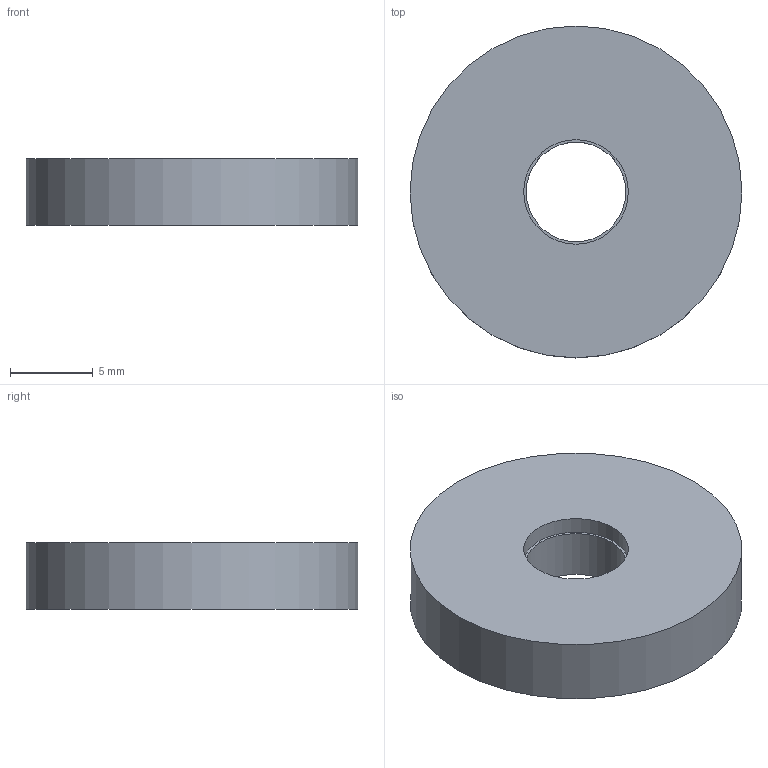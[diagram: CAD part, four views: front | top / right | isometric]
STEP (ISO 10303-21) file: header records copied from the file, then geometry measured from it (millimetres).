
FILE_DESCRIPTION(/* description */ (''),/* implementation_level */ '2;1');
FILE_NAME(/* name */ 'D:\Documents\Projects\Pan Tilt Mount\CAD STEP files\Camera Mounting Bolt Spacer.stp',/* time_stamp */ '2020-06-08T18:40:45+01:00',/* author */ ('isaac879'),/* organization */ (''),/* preprocessor_version */ 'ST-DEVELOPER v18',/* originating_system */ 'Autodesk Inventor 2020',/* authorisation */ '');
FILE_SCHEMA (('AUTOMOTIVE_DESIGN { 1 0 10303 214 3 1 1 }'));
Length unit declared in the file: millimetre
Products named in the file (1): Camera Mounting Bolt Spacer
Bounding box: 20 x 20 x 4 mm (x, y, z)
Volume: 1140.6 mm3; surface area: 899.4 mm2
Topology: 1 solids, 1 shells, 6 faces, 13 edges, 10 vertices
Faces by surface type: cylinder 3, plane 3
Full cylindrical faces by diameter (mm): 6 x1, 6.3 x1, 20 x1
Entity records: 224 total; most frequent: DIRECTION 37, CARTESIAN_POINT 30, ORIENTED_EDGE 26, AXIS2_PLACEMENT_3D 17, EDGE_CURVE 13, CIRCLE 10, VERTEX_POINT 10, EDGE_LOOP 9
◇ ◇ ◇ ◇
● **What is required**: Lines with the word "surface" in them: report all of these from the listing above.

● **Answer to this problem**:
Volume: 1140.6 mm3; surface area: 899.4 mm2
Faces by surface type: cylinder 3, plane 3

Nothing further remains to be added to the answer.